Goal of the exercise
Copy the listing exactly; drop the pictures.

+ + + + + + +

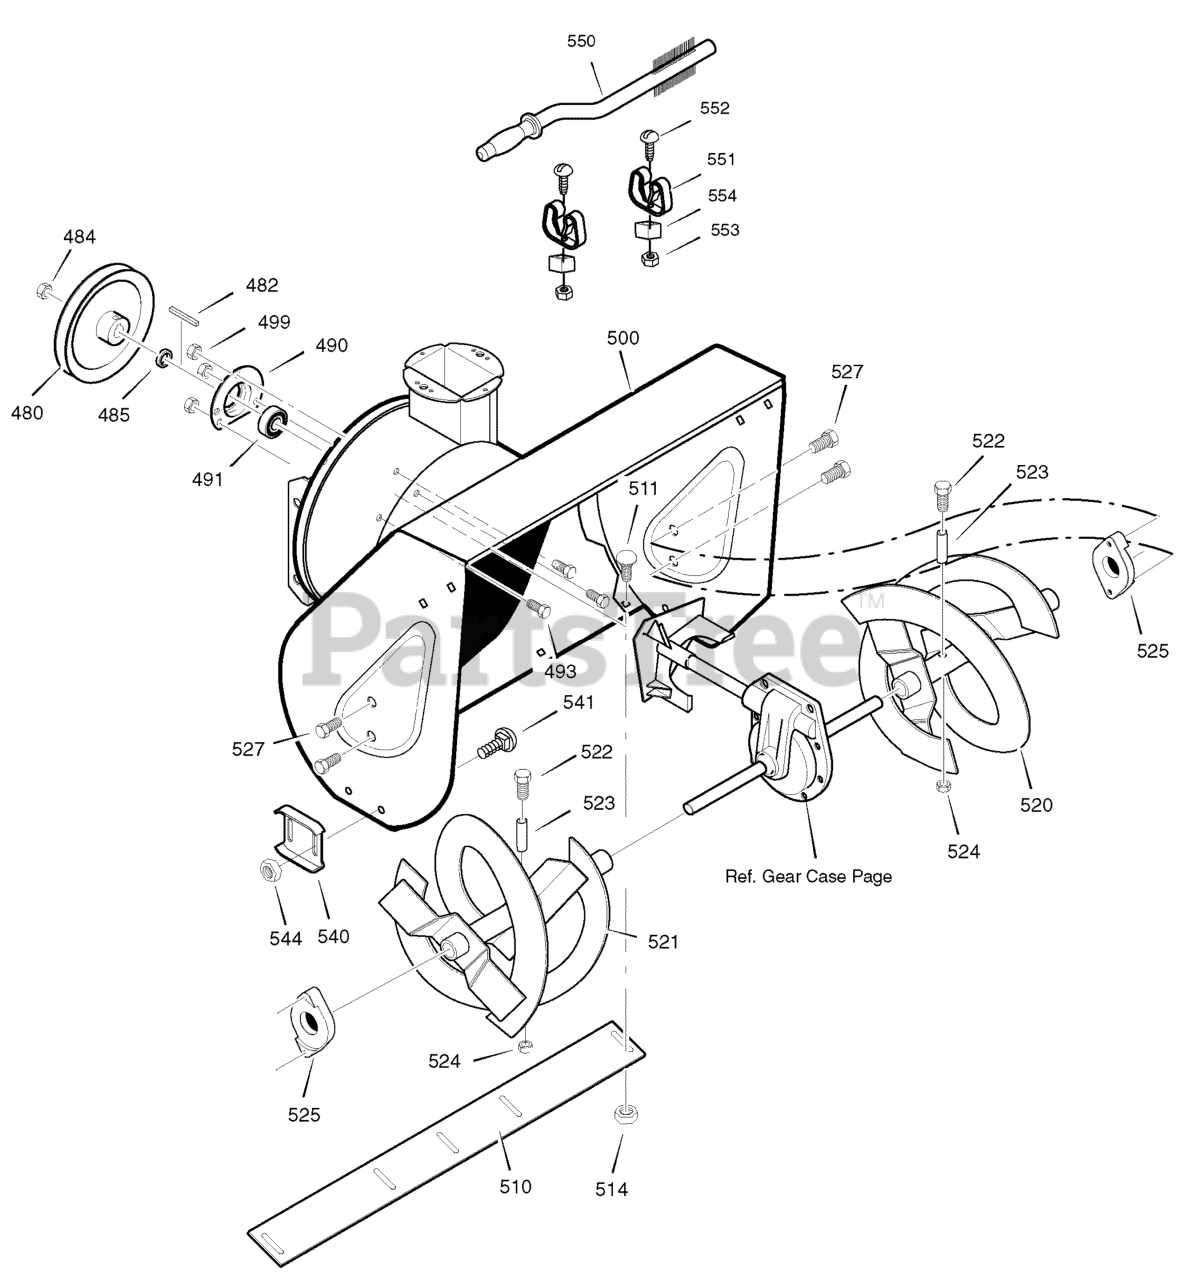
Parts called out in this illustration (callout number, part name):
480	PULLEY, 4L 8.40 OD
482	KEY, SQUARE 3/16 X 3/4
484	NUT, 1/2-20
485	SPACER, FRICTION PULLEY
490	RETAINER, BALL BRNG
491	BEARING, BALL
493	BOLT, HEX 5/16-18X .50
499	NUT, 5/16-18 HEXWDFLLK
500	HOUSING, ASSY
510	BLADE, SCRAPER
511	BOLT, 5/16-18X.75
514	NUT, 5/16-18
520	AUGER, ASSY, LH
521	AUGER, ASSY, RH
522	SCREW, 1/4-20 X 1.75
523	SPACER, SLEEVE
524	NUT, 1/4-20
525	BEARING, FLANGE
527	SCREW, 5/16-18 x 0.75
540	SKID, HEIGHT ADJUST
541	BOLT, 5/16-18 X .75
544	NUT, 5/16-18
550	BRUSH, CLEANOUT
551	CLIP, RETAINER
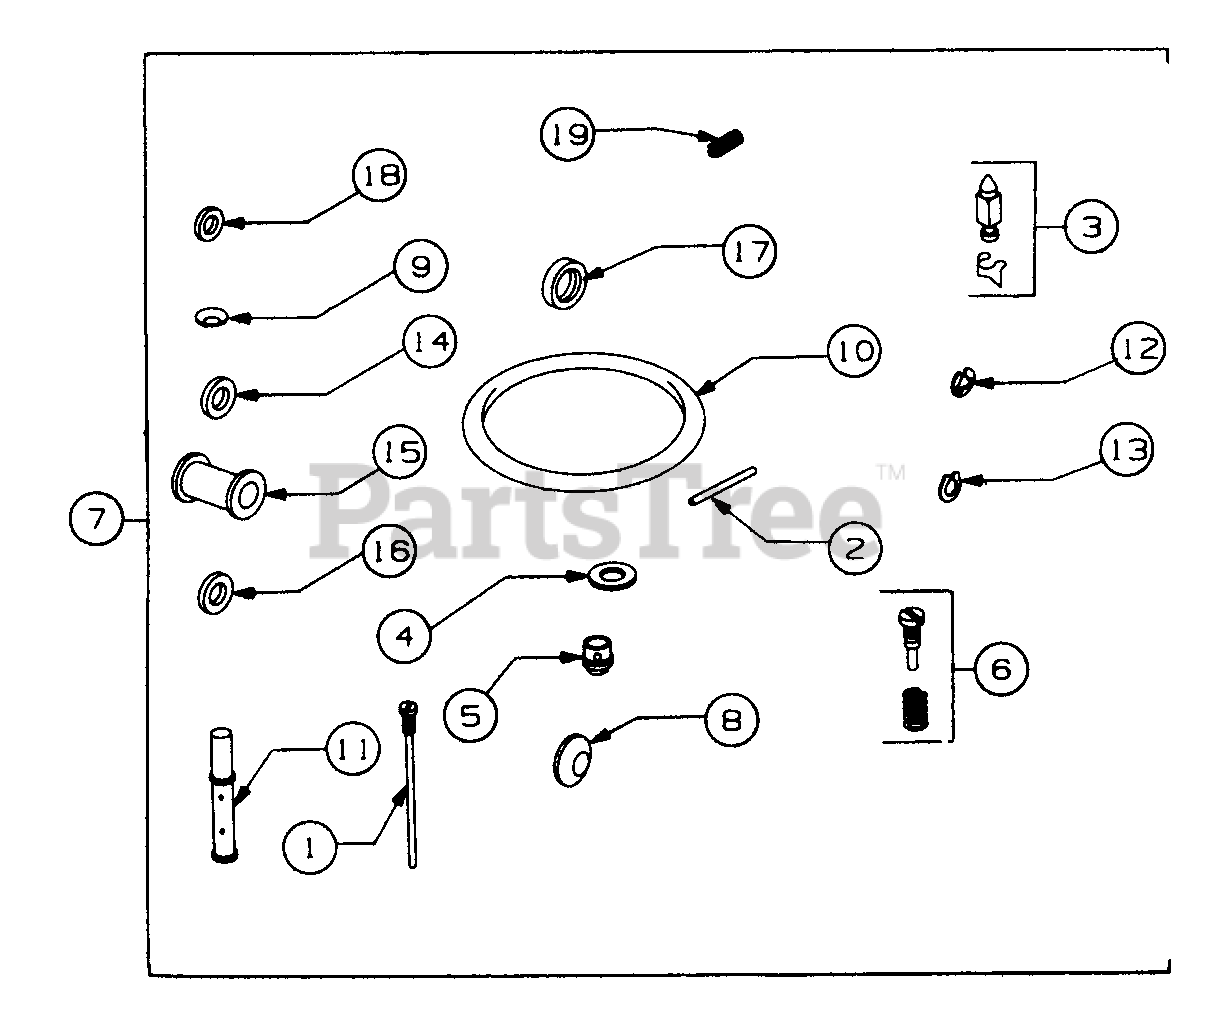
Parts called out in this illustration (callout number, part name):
1	Nozzle, Carburetor
2	Pin, Float Hinge
3	Valve, Fuel Inlet
4	Gasket, Sealing (Sold in kit only)
6	Valve Assy, Carburetor Idle
7	Overhaul Kit, Carburetor
8	Plug, Welch
9	Plug, Welch
10	Gasket, Bowl Mtg (Sold in kit only)
11	Nozzle (Includes Ref No. 5)
12	Retainer, Choke Shaft
13	Retainer, Throttle Shaft
14	Collar, Throttle
15	Collar, Throttle
16	Collar, Choke
17	Seal, Throttle Shaft
18	Seal, Choke Shaft
19	Ball, Choke Locator
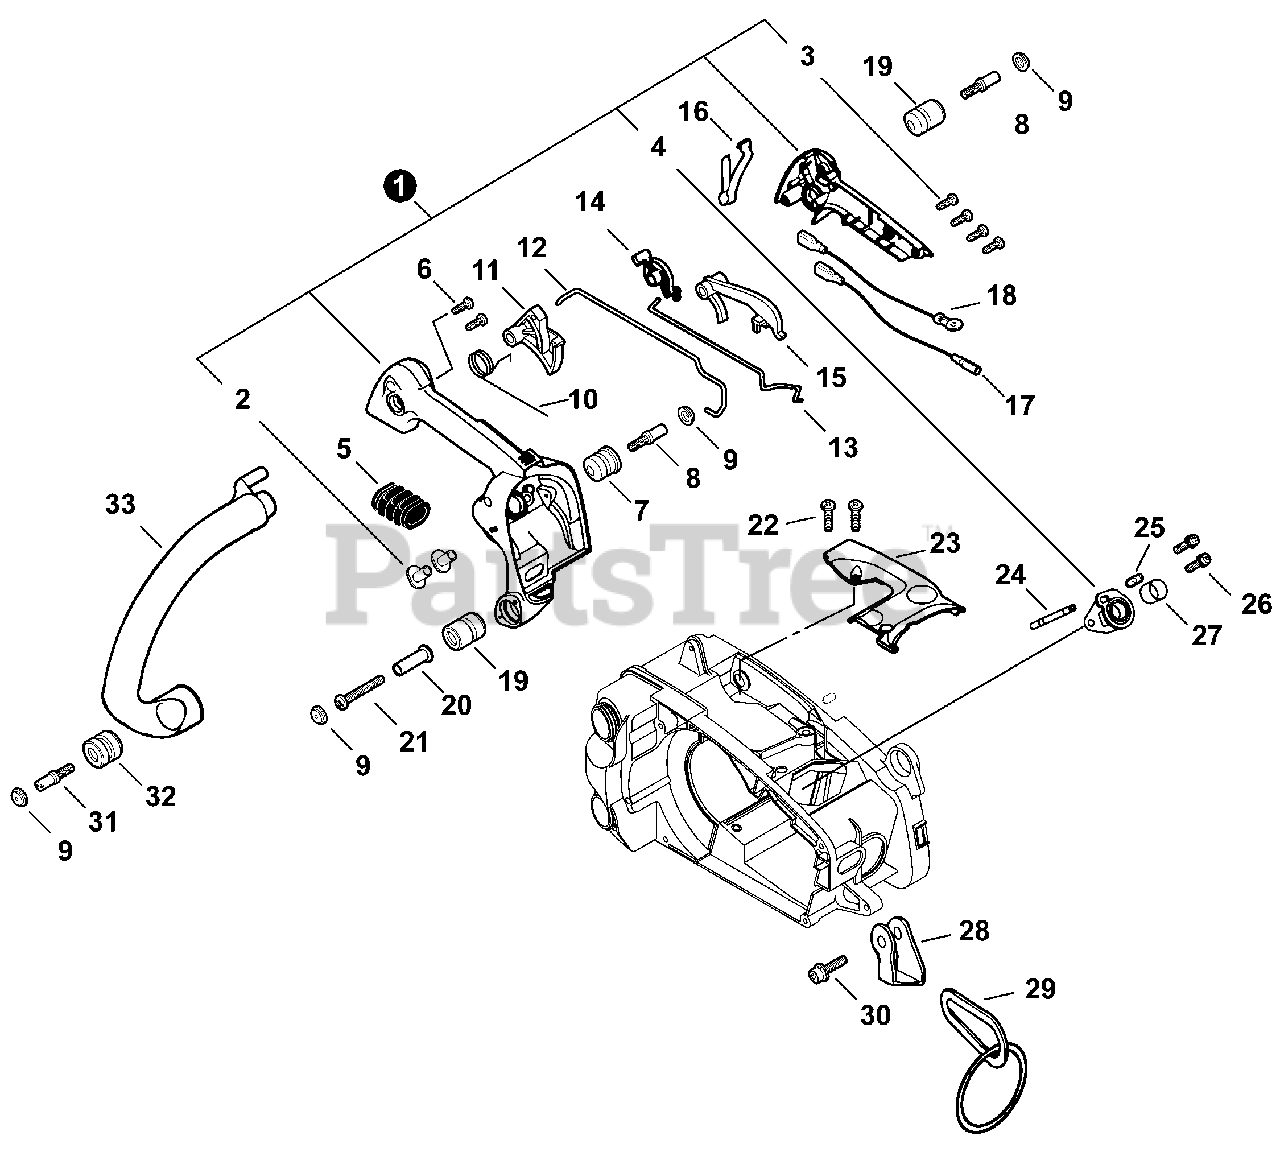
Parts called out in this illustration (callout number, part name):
1	HANDLE KIT, REAR
3	SCREW 4×16
4	BELLOWS, INTAKE
5	BELLOWS, INTAKE
6	SCREW 5×20
7	CUSHION 4
8	BOLT 4×15
9	CAP, CUSHION
10	SPRING, TORSION
11	TRIGGER, THROTTLE
12	ROD, THROTTLE
13	ROD, CHOKE
14	LEVER, CONTROL
15	LOCKOUT, THROTTLE
16	TERMINAL, LEAD
17	LEAD - GROUND
18	LEAD - IGNITION
19	CUSHION
20	COLLAR 4
21	SCREW, TAPPING 4×35
22	SCREW 4×12
23	COVER, DUST - ORANGE
24	PIPE, PULSE 3×7×65
25	COLLAR 3.2×6.5
26	SCREW 5×12
27	COLLAR 16
28	BRACKET, HARNESS
29	RING, HARNESS
30	BOLT 4×25
32	CUSHION 5
33	HANDLE, FRONT
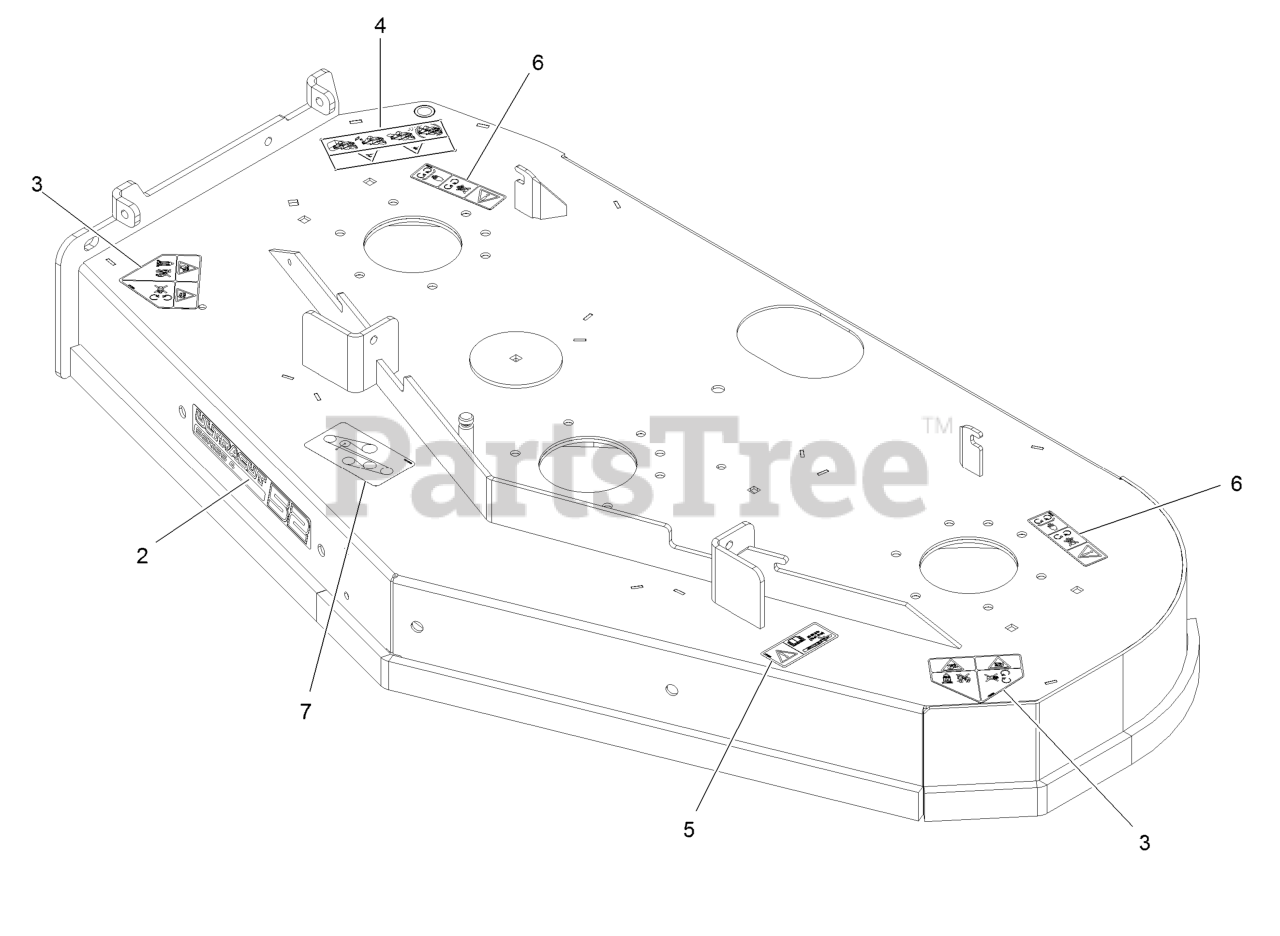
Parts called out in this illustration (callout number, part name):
2	Decal, 524
3	Decal-Danger
4	Decal-Warning, Bagger
5	Decal-Bolt Torque
6	Decal-Missing, Cover
7	Decal-Belt Routing
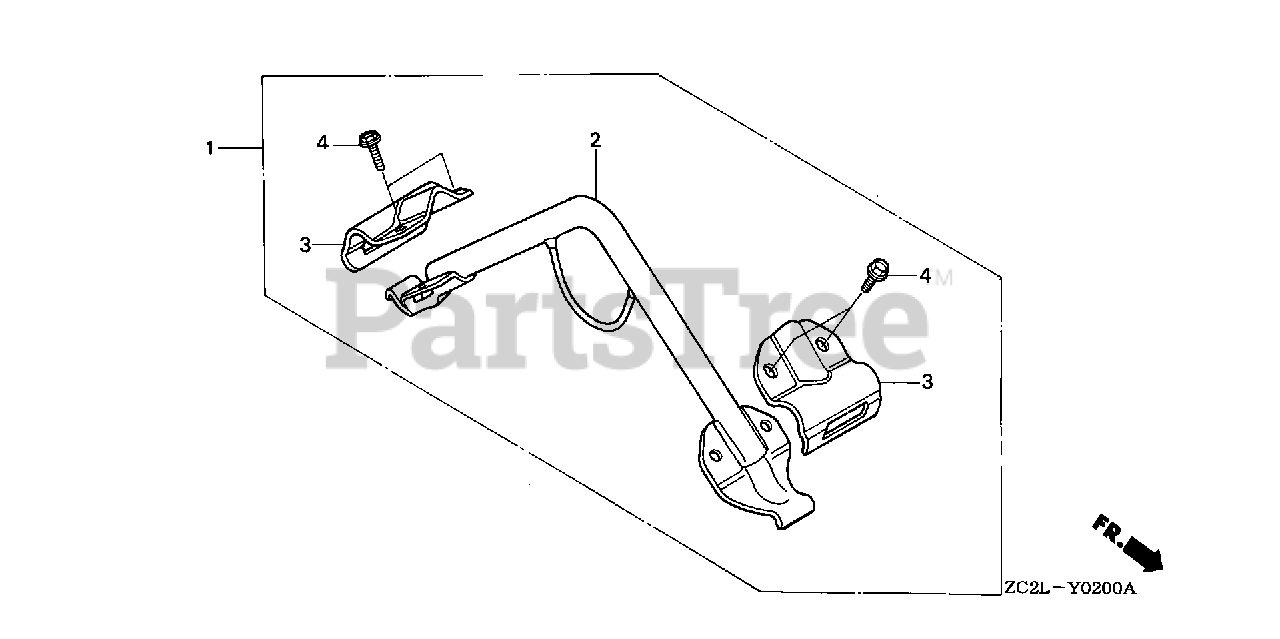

+ + + + + + +

Solution below
Parts called out in this illustration (callout number, part name):
480	PULLEY, 4L 8.40 OD
482	KEY, SQUARE 3/16 X 3/4
484	NUT, 1/2-20
485	SPACER, FRICTION PULLEY
490	RETAINER, BALL BRNG
491	BEARING, BALL
493	BOLT, HEX 5/16-18X .50
499	NUT, 5/16-18 HEXWDFLLK
500	HOUSING, ASSY
510	BLADE, SCRAPER
511	BOLT, 5/16-18X.75
514	NUT, 5/16-18
520	AUGER, ASSY, LH
521	AUGER, ASSY, RH
522	SCREW, 1/4-20 X 1.75
523	SPACER, SLEEVE
524	NUT, 1/4-20
525	BEARING, FLANGE
527	SCREW, 5/16-18 x 0.75
540	SKID, HEIGHT ADJUST
541	BOLT, 5/16-18 X .75
544	NUT, 5/16-18
550	BRUSH, CLEANOUT
551	CLIP, RETAINER
Parts called out in this illustration (callout number, part name):
1	Nozzle, Carburetor
2	Pin, Float Hinge
3	Valve, Fuel Inlet
4	Gasket, Sealing (Sold in kit only)
6	Valve Assy, Carburetor Idle
7	Overhaul Kit, Carburetor
8	Plug, Welch
9	Plug, Welch
10	Gasket, Bowl Mtg (Sold in kit only)
11	Nozzle (Includes Ref No. 5)
12	Retainer, Choke Shaft
13	Retainer, Throttle Shaft
14	Collar, Throttle
15	Collar, Throttle
16	Collar, Choke
17	Seal, Throttle Shaft
18	Seal, Choke Shaft
19	Ball, Choke Locator
Parts called out in this illustration (callout number, part name):
1	HANDLE KIT, REAR
3	SCREW 4×16
4	BELLOWS, INTAKE
5	BELLOWS, INTAKE
6	SCREW 5×20
7	CUSHION 4
8	BOLT 4×15
9	CAP, CUSHION
10	SPRING, TORSION
11	TRIGGER, THROTTLE
12	ROD, THROTTLE
13	ROD, CHOKE
14	LEVER, CONTROL
15	LOCKOUT, THROTTLE
16	TERMINAL, LEAD
17	LEAD - GROUND
18	LEAD - IGNITION
19	CUSHION
20	COLLAR 4
21	SCREW, TAPPING 4×35
22	SCREW 4×12
23	COVER, DUST - ORANGE
24	PIPE, PULSE 3×7×65
25	COLLAR 3.2×6.5
26	SCREW 5×12
27	COLLAR 16
28	BRACKET, HARNESS
29	RING, HARNESS
30	BOLT 4×25
32	CUSHION 5
33	HANDLE, FRONT
Parts called out in this illustration (callout number, part name):
2	Decal, 524
3	Decal-Danger
4	Decal-Warning, Bagger
5	Decal-Bolt Torque
6	Decal-Missing, Cover
7	Decal-Belt Routing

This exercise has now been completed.